FACTS
Relator General Mills is a Delaware corporation with its principal place of business in Minnesota. The company manufactures and markets branded consumer foods sold through retail stores, and supplies branded and unbranded food products to the foodservice and commercial baking industries. General Mills' principal R&D facilities are located in Minnesota.
Before turning to the facts of this appeal, we begin with an explanation of the tax credit provided for R&D expenses. Generally, R&D tax credits are provided to incentivize companies to increase R&D investments in a given tax year. By providing a credit to the taxpayer, Minnesota encourages "the creation of new products, new high-paying jobs, and new businesses" by "attract[ing] and retain[ing] ... high-tech industries" willing to conduct research within the state. See Michael B. Fishman & Karalee Ferreira, A Practical Guide to R&E Credits Offered at the State Level , J. Multistate Tax'n & Incentives, July 1999, at 14, 17 (1999).
Minnesota's R&D tax credit is calculated by subtracting a "base amount" of qualified research expenses (QREs) from the "qualified research expenses for the taxable year."
Once the fixed-base percentage is calculated, the base amount is calculated by multiplying that percentage by "the average annual gross receipts of the taxpayer for the 4 taxable years preceding the taxable year for which the credit is being determined." I.R.C. § 41(c)(1). The product of this calculation results in a prior-year baseline of QREs in dollar terms against which the actual taxable year QREs are compared.
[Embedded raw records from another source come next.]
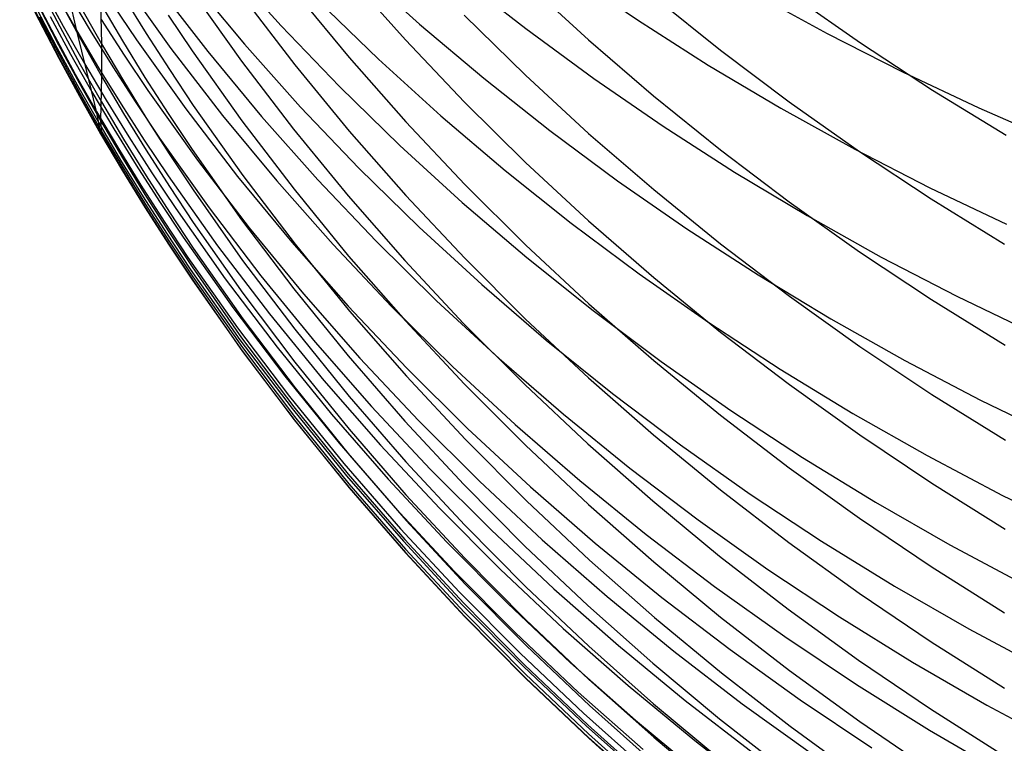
# Model space of a CAD drawing. Extents: x -383 to 1849, y -1185 to -529.
# Tile 456 of 656: x 440.55 to 446.1, y -1115.96 to -1111.88. Entities that reach past the tile are written whole.
import ezdxf

# ---------------------------------------------------------------- set-up
doc = ezdxf.new("R2010")
doc.units = 0
doc.layers.add('PREDEFINITO', color=7, linetype='CONTINUOUS')

msp = doc.modelspace()

# ---------------------------------------------------------------- linework, layer by layer
at = {"layer": 'PREDEFINITO'}
for p, q in [((441.7093, -1111.5601, 551.7177), (442.0257, -1111.9127, 551.5964)), ((442.4566, -1111.5864, 547.6903), (442.8071, -1111.9029, 547.5601)), ((443.6446, -1111.6121, 543.5052), (444.0353, -1111.8789, 543.3729)), ((440.5518, -1111.6619, 575.8976), (440.6602, -1111.8799, 575.8883)), ((440.5565, -1111.6634, 577.819), (440.6648, -1111.8817, 577.8163)), ((441.1267, -1111.6519, 557.5125), (441.4044, -1112.04, 557.4118)), ((441.3214, -1111.6817, 555.5862), (441.612, -1112.0582, 555.4783)), ((441.5157, -1111.6517, 553.6536), (441.8192, -1112.0163, 553.5388)), ((442.4064, -1111.6305, 598.9265), (442.7268, -1111.9918, 599.0039)), ((443.0349, -1111.6362, 545.603), (443.4071, -1111.9286, 545.471)), ((443.4036, -1111.6642, 602.9262), (443.7597, -1111.9912, 603.0098)), ((440.6653, -1111.6999, 581.5861), (440.7776, -1111.9161, 581.5934)), ((440.6818, -1111.7021, 566.8514), (440.7974, -1111.9145, 566.8223)), ((440.7541, -1111.7319, 565.0021), (440.8735, -1111.9416, 564.9685)), ((440.8271, -1111.732, 563.1463), (440.95, -1111.9389, 563.1083)), ((440.8735, -1111.9416, 564.9685), (440.8271, -1111.732, 563.1463)), ((441.5229, -1111.7169, 593.0817), (441.8028, -1112.1115, 593.1422)), ((442.1033, -1111.7198, 596.9773), (442.4101, -1112.0924, 597.0496)), ((444.6896, -1111.7278, 541.2767), (445.1059, -1111.9563, 541.1494)), ((444.8975, -1111.7312, 607.0277), (445.2943, -1112.0094, 607.1106)), ((440.6374, -1111.7558, 570.5114), (440.7494, -1111.9713, 570.4916)), ((440.7782, -1111.7714, 583.4797), (440.8942, -1111.9854, 583.4907)), ((441.0071, -1111.7876, 587.3081), (441.1307, -1111.9966, 587.3269)), ((441.0071, -1111.7876, 587.3081), (441.0129, -1112.0139, 585.4109)), ((441.077, -1111.7935, 559.3789), (441.2107, -1111.9919, 559.3326)), ((441.1373, -1111.7491, 589.2272), (441.2647, -1111.9555, 589.2502)), ((441.8096, -1111.7487, 595.0292), (442.1031, -1112.1324, 595.0958)), ((442.236, -1111.7712, 549.6463), (442.5758, -1112.101, 549.5214)), ((444.1275, -1111.7471, 604.9781), (444.5043, -1112.05, 605.0619)), ((440.6493, -1111.8195, 572.3328), (440.7615, -1112.0353, 572.318)), ((440.6592, -1111.8044, 579.6818), (440.7714, -1112.0207, 579.6848)), ((440.8932, -1111.8023, 585.3961), (441.0129, -1112.0139, 585.4109)), ((441.3899, -1111.8518, 591.1674), (441.5247, -1112.0531, 591.1941)), ((443.0593, -1111.8518, 600.9638), (443.4041, -1112.191, 601.0434)), ((440.6602, -1111.8799, 575.8883), (440.7725, -1112.096, 575.8791)), ((440.6633, -1111.8626, 574.1078), (440.7755, -1112.0786, 574.0965)), ((440.6648, -1111.8817, 577.8163), (440.777, -1112.0979, 577.8136)), ((440.7234, -1111.8606, 568.669), (440.8391, -1112.0736, 568.6446)), ((441.0111, -1111.8773, 561.2466), (441.1413, -1112.079, 561.2045)), ((442.8071, -1111.9029, 547.5601), (443.1687, -1112.2086, 547.4327)), ((444.0353, -1111.8789, 543.3729), (444.4352, -1112.134, 543.2443)), ((440.7776, -1111.9161, 581.5934), (440.8937, -1112.1302, 581.6006)), ((440.7974, -1111.9145, 566.8223), (440.9167, -1112.1249, 566.7934)), ((440.8735, -1111.9416, 564.9685), (440.9967, -1112.1492, 564.9351)), ((440.9586, -1112.2844, 568.6205), (440.8735, -1111.9416, 564.9685)), ((440.95, -1111.9389, 563.1083), (441.0767, -1112.1435, 563.0705)), ((441.2647, -1111.9555, 589.2502), (441.3959, -1112.1596, 589.2729)), ((442.0257, -1111.9127, 551.5964), (442.3546, -1112.2552, 551.4772)), ((443.4071, -1111.9286, 545.471), (443.7895, -1112.2098, 545.3423)), ((445.1059, -1111.9563, 541.1494), (445.5301, -1112.1724, 541.0264)), ((440.7494, -1111.9713, 570.4916), (440.8653, -1112.1847, 570.4721)), ((440.8942, -1111.9854, 583.4907), (441.0139, -1112.1972, 583.5015)), ((441.0129, -1112.0139, 585.4109), (441.1365, -1112.2232, 585.4254)), ((441.0129, -1112.0139, 585.4109), (441.0139, -1112.1972, 583.5015)), ((441.1307, -1111.9966, 587.3269), (441.258, -1112.2035, 587.3455)), ((441.2107, -1111.9919, 559.3326), (441.4889, -1112.3818, 559.2408)), ((441.8192, -1112.0163, 553.5388), (442.1356, -1112.371, 553.426)), ((442.7268, -1111.9918, 599.0039), (443.0595, -1112.3429, 599.0791)), ((443.7597, -1111.9912, 603.0098), (444.1267, -1112.3072, 603.0906)), ((445.2943, -1112.0094, 607.1106), (445.7002, -1112.2757, 607.19)), ((440.7615, -1112.0353, 572.318), (440.8775, -1112.2491, 572.3032)), ((440.7714, -1112.0207, 579.6848), (440.8873, -1112.2349, 579.6878)), ((440.8391, -1112.0736, 568.6446), (440.9586, -1112.2844, 568.6205)), ((441.4044, -1112.04, 557.4118), (441.6961, -1112.4186, 557.3126)), ((441.5247, -1112.0531, 591.1941), (441.805, -1112.4488, 591.2465)), ((441.612, -1112.0582, 555.4783), (441.9159, -1112.425, 555.3722)), ((444.5043, -1112.05, 605.0619), (444.8911, -1112.3416, 605.1426)), ((440.7725, -1112.096, 575.8791), (440.8886, -1112.31, 575.87)), ((440.7755, -1112.0786, 574.0965), (440.8914, -1112.2925, 574.0852)), ((440.777, -1112.0979, 577.8136), (440.893, -1112.3122, 577.8109)), ((440.9167, -1112.1249, 566.7934), (441.0399, -1112.3331, 566.7647)), ((441.1413, -1112.079, 561.2045), (441.2752, -1112.2783, 561.1626)), ((441.8028, -1112.1115, 593.1422), (442.0965, -1112.4966, 593.2013)), ((442.4101, -1112.0924, 597.0496), (442.7298, -1112.4551, 597.1199)), ((442.5758, -1112.101, 549.5214), (442.9271, -1112.4203, 549.399)), ((440.8653, -1112.1847, 570.4721), (440.9849, -1112.396, 570.4526)), ((440.8937, -1112.1302, 581.6006), (441.0136, -1112.3422, 581.6078)), ((440.9967, -1112.1492, 564.9351), (441.1237, -1112.3545, 564.9019)), ((441.0767, -1112.1435, 563.0705), (441.207, -1112.3458, 563.033)), ((441.3959, -1112.1596, 589.2729), (441.5307, -1112.3614, 589.2954)), ((442.1031, -1112.1324, 595.0958), (442.4099, -1112.5064, 595.1608)), ((444.4352, -1112.134, 543.2443), (444.8439, -1112.3771, 543.1195)), ((445.5301, -1112.1724, 541.0264), (445.9616, -1112.376, 540.9079)), ((440.8873, -1112.2349, 579.6878), (441.0071, -1112.4471, 579.6908)), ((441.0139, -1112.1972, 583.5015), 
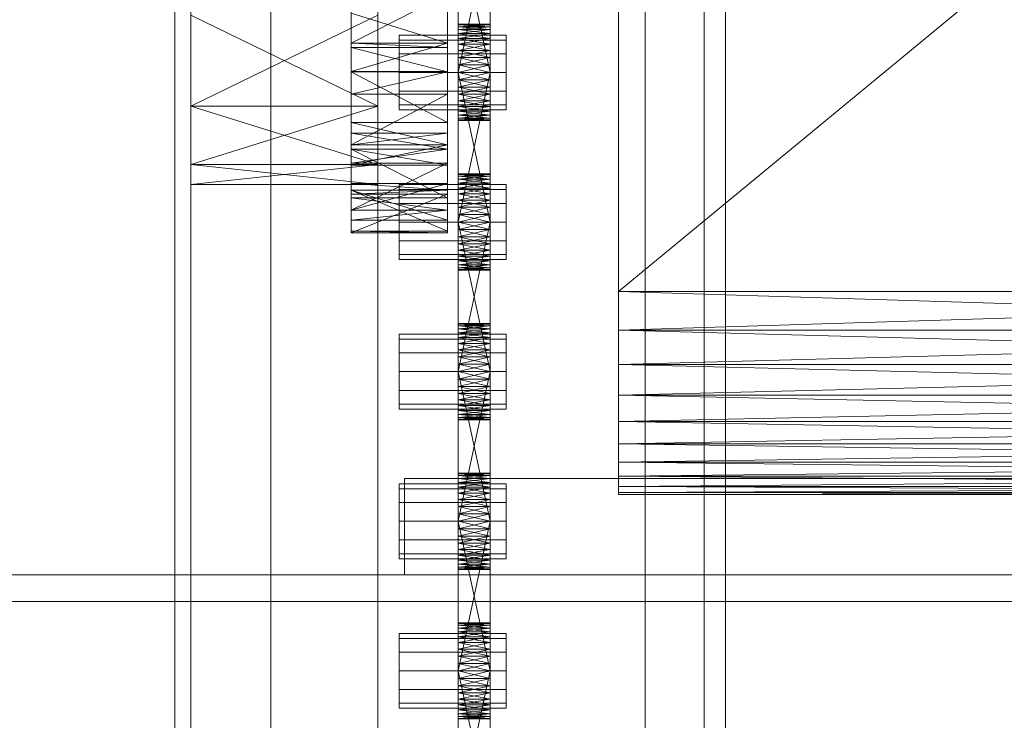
# Model space of a CAD drawing. Header units: millimetres. Extents: x -2233 to 65662, y -50530 to 6847.
# Tile 300 of 656: x 1368 to 1552, y -33411 to -33280. Entities that reach past the tile are written whole.
import ezdxf

# ---------------------------------------------------------------- set-up
doc = ezdxf.new("R2010")
doc.units = ezdxf.units.MM
for name, color, linetype, lineweight in [('COTAS_O', 1, 'Continuous', 0), ('frontal_C03', 7, 'Continuous', 0), ('frontal_secador', 7, 'Continuous', 0)]:
    doc.layers.add(name, color=color, linetype=linetype, lineweight=lineweight)
doc.dimstyles.new('R19_100', dxfattribs={"dimtxt": 250, "dimasz": 150, "dimexe": 150, "dimexo": 80, "dimgap": 100, "dimtad": 1, "dimtih": 1, "dimtoh": 1, "dimdsep": 46, "dimcen": 0.09, "dimadec": 0, "dimazin": 0, "dimtfac": 1, "dimtdec": 4, "dimtofl": 0, "dimtmove": 0, "dimatfit": 3, "dimfxl": 1, "dimtolj": 1, "dimtzin": 0, "dimarcsym": 0})

# ---------------------------------------------------------------- blocks, each defined once
blk = doc.blocks.new('DIM_R32_39')
at = {"layer": 'COTAS_O'}
for p, q in [((-1725, -33700), (-1575, -33655)), ((1725, -33700), (1575, -33655)), ((-1725, -34400), (-1725, -33700)), ((-1725, -33700), (1725, -33700)), ((-1725, -33700), (-1575, -33745)), ((1725, -33700), (1575, -33745)), ((1725, -34400), (1725, -33700))]:
    blk.add_line(p, q, dxfattribs=at)
blk.add_text('3450 O', height=250, dxfattribs=at).set_placement((0, -33600))

msp = doc.modelspace()

# ---------------------------------------------------------------- linework, layer by layer
at = {"layer": 'frontal_C03'}
for p, q in [((1435, -35048.843), (1435, -32401.175)), ((1496, -35048.843), (1496, -32401.175)), ((1500, -32401.175), (1500, -35048.843)), ((1435, -32405.103), (1435, -35052.771)), ((1500, -35052.771), (1500, -32405.103)), ((1435, -35535.966), (1435, -32888.298)), ((1500, -32888.298), (1500, -35535.966)), ((1435, -32892.227), (1435, -35539.895)), ((1496, -32892.227), (1496, -35539.895)), ((1500, -35539.895), (1500, -32892.227)), ((1415, -35988), (1415, -33145.961)), ((1485, -35988), (1485, -33145.961))]:
    msp.add_line(p, q, dxfattribs=at)
at = {"layer": 'frontal_secador'}
for p, q in [((1400, -36000), (1400, -33000)), ((1397, -35940), (1397, -33075)), ((1400, -36000), (1400, -33075)), ((1400, -34600), (1400, -33075)), ((1400, -35940), (1400, -33075)), ((1400, -34650), (1400, -33075)), ((1480, -33098.5), (1480, -33359)), ((1480, -33354.82), (1480, -33098.5)), ((1480, -33330.5), (1480, -33117.12)), ((1480, -33354.82), (1480, -33117.12)), ((1480, -33122.82), (1480, -33337.72)), ((1480, -33122.82), (1480, -33359)), ((1480, -33330.5), (1480, -33129.28)), ((1480, -33136.5), (1480, -33337.72)), ((1480, -33330.5), (1480, -33136.5)), ((1715, -33136.5), (1480, -33330.5)), ((1430, -33311.527), (1430, -33177.639)), ((1448, -33177.639), (1448, -33311.527)), ((1400, -33306.731), (1400, -33233.5)), ((1435, -33233.5), (1435, -33306.731)), ((1430, -33245.858), (1430, -33289.361)), ((1430, -33245.858), (1430, -33311.527)), ((1448, -33289.361), (1448, -33245.858)), ((1448, -33311.527), (1448, -33245.858)), ((1400, -36000), (1400, -33250)), ((1450, -33292.281), (1450, -33253.481)), ((1456, -33253.481), (1456, -33292.281)), ((1450, -33255.136), (1450, -33292.281)), ((1456, -33292.281), (1456, -33255.136)), ((1450, -33292.281), (1450, -33257.414)), ((1456, -33257.414), (1456, -33292.281)), ((1450, -33289.5), (1450, -33260.092)), ((1450, -33292.281), (1450, -33260.092)), ((1456, -33260.092), (1456, -33289.5)), ((1456, -33260.092), (1456, -33292.281)), ((1450, -33261.5), (1450, -33289.5)), ((1456, -33289.5), (1450, -33261.5)), ((1456, -33261.5), (1450, -33289.5)), ((1456, -33289.5), (1456, -33261.5)), ((1400, -33306.731), (1400, -33266.67)), ((1435, -33266.67), (1435, -33306.731)), ((1430, -33269.365), (1430, -33284.806)), ((1430, -33289.361), (1430, -33269.365)), ((1430, -33303.889), (1430, -33269.365)), ((1430, -33311.527), (1430, -33269.365)), ((1448, -33284.806), (1448, -33269.365)), ((1448, -33269.365), (1448, -33289.361)), ((1448, -33269.365), (1448, -33303.889)), ((1448, -33269.365), (1448, -33311.527)), ((1400, -33306.731), (1400, -33272.493)), ((1435, -33272.493), (1435, -33306.731)), ((1400, -33306.731), (1400, -33274.5)), ((1430, -33289.353), (1430, -33274.777)), ((1430, -33274.777), (1430, -33284.05)), ((1430, -33289.361), (1430, -33274.777)), ((1448, -33274.777), (1430, -33284.05)), ((1435, -33274.5), (1435, -33306.731)), ((1448, -33274.777), (1448, -33289.353)), ((1448, -33284.05), (1448, -33274.777)), ((1448, -33274.777), (1448, -33289.361)), ((1400, -33306.731), (1400, -33278.76)), ((1400, -33278.76), (1400, -33295.794)), ((1435, -33278.76), (1400, -33295.794)), ((1435, -33295.794), (1400, -33278.76)), ((1430, -33278.435), (1430, -33284.806)), ((1430, -33284.05), (1430, -33278.435)), ((1448, -33284.05), (1430, -33278.435)), ((1435, -33278.76), (1435, -33306.731)), ((1435, -33295.794), (1435, -33278.76)), ((1448, -33284.806), (1448, -33278.435)), ((1448, -33278.435), (1448, -33284.05)), ((1450, -33280.611), (1450, -33280.5)), ((1456, -33280.611), (1450, -33280.5)), ((1456, -33280.5), (1450, -33280.5)), ((1456, -33280.5), (1450, -33280.611)), ((1450, -33280.611), (1450, -33281.481)), ((1450, -33280.94), (1450, -33280.611)), ((1450, -33280.611), (1450, -33283.136)), ((1456, -33280.94), (1450, -33280.611)), ((1456, -33280.611), (1450, -33280.611)), ((1456, -33280.611), (1450, -33280.94)), ((1456, -33280.611), (1456, -33280.5)), ((1456, -33281.481), (1456, -33280.611)), ((1456, -33280.611), (1456, -33280.94)), ((1456, -33283.136), (1456, -33280.611)), ((1439, -33283.438), (1439, -33282.5)), ((1459, -33282.5), (1439, -33282.5)), ((1450, -33281.481), (1450, -33280.94)), ((1456, -33281.481), (1450, -33280.94)), ((1456, -33280.94), (1450, -33280.94)), ((1456, -33280.94), (1450, -33281.481)), ((1450, -33281.481), (1450, -33283.136)), ((1450, -33282.219), (1450, -33281.481)), ((1450, -33285.414), (1450, -33281.481)), ((1450, -33320.281), (1450, -33281.481)), ((1456, -33282.219), (1450, -33281.481)), ((1456, -33281.481), (1450, -33281.481)), ((1456, -33281.481), (1450, -33282.219)), ((1450, -33283.136), (1450, -33282.219)), ((1456, -33283.136), (1450, -33282.219)), ((1456, -33282.219), (1450, -33282.219)), ((1456, -33282.219), (1450, -33283.136)), ((1456, -33280.94), (1456, -33281.481)), ((1456, -33283.136), (1456, -33281.481)), ((1456, -33281.481), (1456, -33282.219)), ((1456, -33281.481), (1456, -33285.414)), ((1456, -33281.481), (1456, -33320.281)), ((1456, -33282.219), (1456, -33283.136)), ((1459, -33283.438), (1459, -33282.5)), ((1430, -33284.05), (1430, -33289.353)), ((1430, -33284.806), (1430, -33284.05)), ((1448, -33284.05), (1430, -33284.05)), ((1448, -33284.05), (1430, -33289.353)), ((1448, -33284.806), (1430, -33284.05)), ((1439, -33286), (1439, -33283.438)), ((1459, -33283.438), (1439, -33283.438)), ((1448, -33289.353), (1448, -33284.05)), ((1448, -33284.05), (1448, -33284.806)), ((1450, -33283.136), (1450, -33285.414)), ((1450, -33284.21), (1450, -33283.136)), ((1450, -33283.136), (1450, -33288.092)), ((1450, -33283.136), (1450, -33320.281)), ((1456, -33284.21), (1450, -33283.136)), ((1456, -33283.136), (1450, -33283.136)), ((1456, -33283.136), (1450, -33284.21)), ((1450, -33285.414), (1450, -33284.21)), ((1456, -33285.414), (1450, -33284.21)), ((1456, -33284.21), (1450, -33284.21)), ((1456, -33284.21), (1450, -33285.414)), ((1456, -33285.414), (1456, -33283.136)), ((1456, -33283.136), (1456, -33284.21)), ((1456, -33288.092), (1456, -33283.136)), ((1456, -33320.281), (1456, -33283.136)), ((1456, -33284.21), (1456, -33285.414)), ((1459, -33286), (1459, -33283.438)), ((1430, -33289.361), (1430, -33284.806)), ((1448, -33289.361), (1430, -33284.806)), ((1448, -33284.806), (1430, -33284.806)), ((1439, -33289.5), (1439, -33286)), ((1459, -33286), (1439, -33286)), ((1448, -33284.806), (1448, -33289.361)), ((1450, -33285.414), (1450, -33288.092)), ((1450, -33286.719), (1450, -33285.414)), ((1450, -33320.281), (1450, -33285.414)), ((1456, -33286.719), (1450, -33285.414)), ((1456, -33285.414), (1450, -33285.414)), ((1456, -33285.414), (1450, -33286.719)), ((1456, -33288.092), (1456, -33285.414)), ((1456, -33285.414), (1456, -33286.719)), ((1456, -33285.414), (1456, -33320.281)), ((1459, -33289.5), (1459, -33286)), ((1450, -33288.092), (1450, -33286.719)), ((1456, -33288.092), (1450, -33286.719)), ((1456, -33286.719), (1450, -33286.719)), ((1456, -33286.719), (1450, -33288.092)), ((1456, -33286.719), (1456, -33288.092)), ((1448, -33289.353), (1430, -33289.353)), ((1448, -33289.353), (1430, -33289.361)), ((1430, -33289.361), (1430, -33300.859)), ((1430, -33298.895), (1430, -33289.361)), ((1430, -33303.889), (1430, -33289.361)), ((1430, -33289.361), (1430, -33293.572)), ((1430, -33289.361), (1430, -33311.527)), ((1448, -33289.361), (1430, -33289.361)), ((1448, -33289.361), (1430, -33293.572)), ((1448, -33298.895), (1430, -33289.361)), ((1439, -33289.5), (1439, -33293)), ((1439, -33289.5), (1459, -33289.5)), ((1448, -33300.859), (1448, -33289.361)), ((1448, -33289.361), (1448, -33298.895)), ((1448, -33289.361), (1448, -33303.889)), ((1448, -33293.572), (1448, -33289.361)), ((1448, -33311.527), (1448, -33289.361)), ((1450, -33317.5), (1450, -33288.092)), ((1450, -33288.092), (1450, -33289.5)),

As noted above, the tax credit is calculated as a percentage of the difference between the base amount and the taxable year QREs.
Two observations about this calculation are relevant to the parties' dispute in this case. First, the federal statute setting forth how the "base amount" is calculated also includes a "minimum base amount" limitation. I.R.C. § 41(c)(1)-(2). The "minimum base amount" sets a floor-50 percent of the QREs for the credit year-for the base amount. Accordingly, because the credit is based on the difference between the taxable year QREs and the base amount, the "minimum base amount" floor may have the effect of reducing the amount of the credit, particularly when the amount of QREs grows substantially in a given year.
Second, the larger the amount of "aggregate gross receipts" used as the denominator in the formula for calculating "fixed-base percentage," the larger the tax credit available to the taxpayer. This is so because the larger denominator means the fixed-base percentage (the ratio of QREs to total gross receipts) is lower. The impact of a lower fixed-base percentage is to lower the base amount (expressed in dollar terms). A lower base amount means that the difference between the base amount and the taxable year QREs is larger. And because the tax credit is calculated as a percentage of that difference, a larger difference means a larger tax credit. Stated more simply and practically, typically a taxpayer will prefer a larger amount of "aggregate gross receipts" as the denominator in the formula for calculating fixed-base percentage because it likely results in a larger tax credit.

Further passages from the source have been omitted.